I am a second year general medicine advanced trainee who has done and published multiple research pieces, including a case-control study on general medicine readmissions in the New Zealand Medical Journal and a case report in the New England Journal of Medicine. I have also done a poster presentation at IMSANZ in 2013.about readmissions.
Utility Of Admissions And Investigations And Outcomes In Patients With Intermediate Risk Syncope
Manaf Aljishi, Hutt Hospital, Wellington
Tom Thomson, Hutt Hospital, Wellington
Rowan Hamill, Hutt Hospital, Wellington
Aims: Guidelines suggest that when assessing syncope patients for admission, their risk of serious underlying cause should be stratified into categories: high (warranting admission), low (not needing admission) and intermediate-risk (admission on a cases-by-cases basis)(1). The aim of the study is to measure the utility and diagnostic yield of hospital admissions and investigations for intermediate-risk patients in HVDHB.
Methods: A retrospective study was conducted on syncope patients admitted to Hutt Hospital from 1 July to 31 December 2016. Risk stratification was done using the 2017 American College of Cardiology Guidelines risk criteria(1). Data collected from intermediate-risk patients include patient profile, admission and discharge diagnosis, syncope investigations and 30-day re-syncope and mortality. Syncope diagnoses were classified as vasovagal, orthostatic, cardiogenic, or undifferentiated.
Results: During the study duration, 230 patients presented with syncope but 128 patients (56%) were discharged. Among the admitted patients (102 patients, 44%), 23.8% were high-risk, 2% low-risk, and 74.3% intermediate-risk.
The most common diagnosis on discharge was undifferentiated syncope (37%), followed by vasovagal syncope (23%). There were five cardiogenic syncopes; four were secondary to newly diagnosed atrial fibrillation, and one was sinus bradycardia. Undifferentiated syncope at admission after initial negative investigations was in 35 (47%) patients, and this dropped to 28 (37%) after the admission.

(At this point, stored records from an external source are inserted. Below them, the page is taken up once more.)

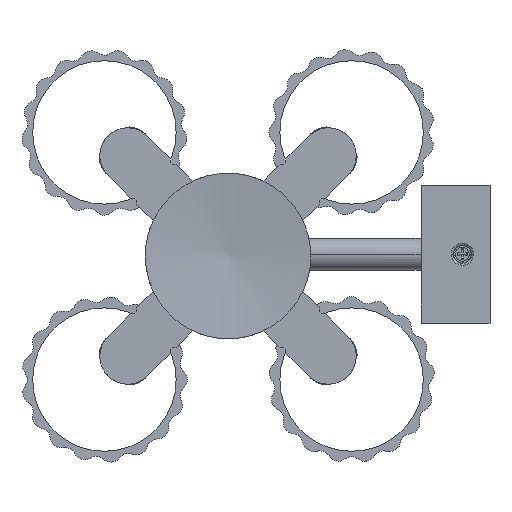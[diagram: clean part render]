
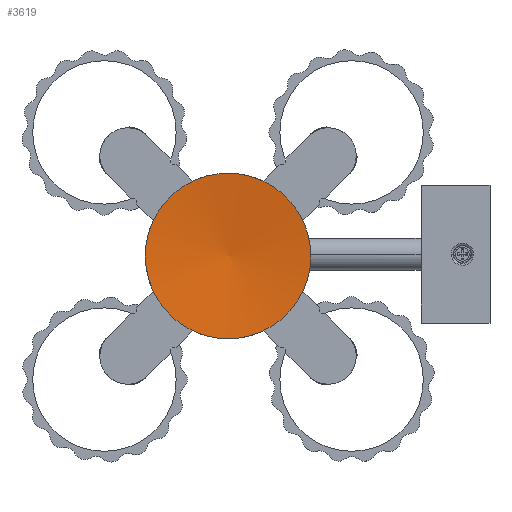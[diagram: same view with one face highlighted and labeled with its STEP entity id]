
A CAD part, front view. The second image highlights one B-rep face of the part: STEP entity #3619.
In plain terms, the highlighted free-form (B-spline) face has degree [2, 2] with [3, 3] control points.
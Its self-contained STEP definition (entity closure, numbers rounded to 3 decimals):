
#148 = CARTESIAN_POINT ( 'NONE',  ( 4056.673, 97.51, -5911.909 ) ) ;
#358 = ORIENTED_EDGE ( 'NONE', *, *, #30609, .T. ) ;
#2197 = CARTESIAN_POINT ( 'NONE',  ( 4154.194, 127.726, -5941.898 ) ) ;
#2479 = CARTESIAN_POINT ( 'NONE',  ( 4184.194, 124.778, -5941.337 ) ) ;
#2633 = CARTESIAN_POINT ( 'NONE',  ( 4184.194, 130.73, -5911.912 ) ) ;
#2949 = CARTESIAN_POINT ( 'NONE',  ( 4112.583, 138.958, -5944.205 ) ) ;
#3619 = ADVANCED_FACE ( 'NONE', ( #30322 ), #20248, .T. ) ;
#4671 = CARTESIAN_POINT ( 'NONE',  ( 4124.194, 127.726, -5911.898 ) ) ;
#6060 = EDGE_CURVE ( 'NONE', #29991, #25748, #29795, .T. ) ;
#7883 = CARTESIAN_POINT ( 'NONE',  ( 4184.194, 124.783, -5882.485 ) ) ;
#10352 = CARTESIAN_POINT ( 'NONE',  ( 4112.583, 145.49, -5911.913 ) ) ;
#12674 = CARTESIAN_POINT ( 'NONE',  ( 4056.673, 92.867, -5888.934 ) ) ;
#15179 = CARTESIAN_POINT ( 'NONE',  ( 4124.194, 127.726, -5941.898 ) ) ;
#17505 = CARTESIAN_POINT ( 'NONE',  ( 4184.194, 127.726, -5911.898 ) ) ;
#19335 = CARTESIAN_POINT ( 'NONE',  ( 4184.194, 127.726, -5881.898 ) ) ;
#20248 =( BOUNDED_SURFACE ( )  B_SPLINE_SURFACE ( 2, 2, ( 
 ( #7883, #2633, #2479 ),
 ( #25508, #10352, #2949 ),
 ( #12674, #148, #30160 ) ),
 .UNSPECIFIED., .F., .F., .T. ) 
 B_SPLINE_SURFACE_WITH_KNOTS ( ( 3, 3 ),
 ( 3, 3 ),
 ( -0.699, 0.199 ),
 ( -1.77, -1.371 ),
 .UNSPECIFIED. ) 
 GEOMETRIC_REPRESENTATION_ITEM ( )  RATIONAL_B_SPLINE_SURFACE ( (
 ( 1., 0.98, 1.),
 ( 0.901, 0.883, 0.901),
 ( 1., 0.98, 1.) ) ) 
 REPRESENTATION_ITEM ( '' )  SURFACE ( )  );
#20298 = CARTESIAN_POINT ( 'NONE',  ( 4184.194, 127.726, -5941.898 ) ) ;
#20887 = EDGE_LOOP ( 'NONE', ( #358, #22396 ) ) ;
#21803 = CARTESIAN_POINT ( 'NONE',  ( 4124.194, 127.726, -5881.898 ) ) ;
#22396 = ORIENTED_EDGE ( 'NONE', *, *, #6060, .T. ) ;
#24054 = CARTESIAN_POINT ( 'NONE',  ( 4184.194, 127.726, -5911.898 ) ) ;
#24596 = CARTESIAN_POINT ( 'NONE',  ( 4124.194, 127.726, -5911.898 ) ) ;
#25508 = CARTESIAN_POINT ( 'NONE',  ( 4112.583, 138.964, -5879.62 ) ) ;
#25748 = VERTEX_POINT ( 'NONE', #24054 ) ;
#28419 = CARTESIAN_POINT ( 'NONE',  ( 4124.194, 127.726, -5911.898 ) ) ;
#29067 = CARTESIAN_POINT ( 'NONE',  ( 4184.194, 127.726, -5911.898 ) ) ;
#29795 =( BOUNDED_CURVE ( )  B_SPLINE_CURVE ( 2, ( #4671, #15179, #2197, #20298, #17505 ),
 .UNSPECIFIED., .F., .F. ) 
 B_SPLINE_CURVE_WITH_KNOTS ( ( 3, 2, 3 ),
 ( 4.712, 6.283, 7.854 ),
 .UNSPECIFIED. ) 
 CURVE ( )  GEOMETRIC_REPRESENTATION_ITEM ( )  RATIONAL_B_SPLINE_CURVE ( ( 1., 0.707, 1., 0.707, 1. ) ) 
 REPRESENTATION_ITEM ( '' )  );
#29991 = VERTEX_POINT ( 'NONE', #28419 ) ;
#30160 = CARTESIAN_POINT ( 'NONE',  ( 4056.673, 92.863, -5934.882 ) ) ;
#30322 = FACE_OUTER_BOUND ( 'NONE', #20887, .T. ) ;
#30609 = EDGE_CURVE ( 'NONE', #25748, #29991, #31103, .T. ) ;
#31103 =( BOUNDED_CURVE ( )  B_SPLINE_CURVE ( 2, ( #29067, #19335, #32211, #21803, #24596 ),
 .UNSPECIFIED., .F., .F. ) 
 B_SPLINE_CURVE_WITH_KNOTS ( ( 3, 2, 3 ),
 ( 1.571, 3.142, 4.712 ),
 .UNSPECIFIED. ) 
 CURVE ( )  GEOMETRIC_REPRESENTATION_ITEM ( )  RATIONAL_B_SPLINE_CURVE ( ( 1., 0.707, 1., 0.707, 1. ) ) 
 REPRESENTATION_ITEM ( '' )  );
#32211 = CARTESIAN_POINT ( 'NONE',  ( 4154.194, 127.726, -5881.898 ) ) ;

61% of patients had a postural blood pressure done, while 98.7% had an electrocardiography done on admission. Telemetry was ordered on 80% undifferentiated syncopes but also 65% of differentiated syncopes on admission. There was only one positive telemetry (1.7%) that showed new atrial fibrillation. 31% of patients had troponin test done without any positive result. Head imaging to investigate syncope (not for trauma) was performed on 13% of patients with no positive scan. 30-day adverse outcomes occurred in five patients: four had re-syncope and one died due to known malignancy.
Conclusion: Current admission decision-making and investigations for syncope have low yield and need better prioritization. This study resulted in departmental registrar teaching sessions and writing new local syncope admission guidelines in liaison with cardiology department across the DHB.
1. Shen WK, Sheldon RS, Benditt DG, Cohen MI, Forman DE, Goldberger ZD, et al. 2017 ACC/AHA/HRS Guideline for the Evaluation and Management of Patients with Syncope: A Report of the American College of Cardiology/American Heart Association Task Force on Clinical Practice Guidelines, and the Heart Rhythm Society. Heart Rhythm. 2017.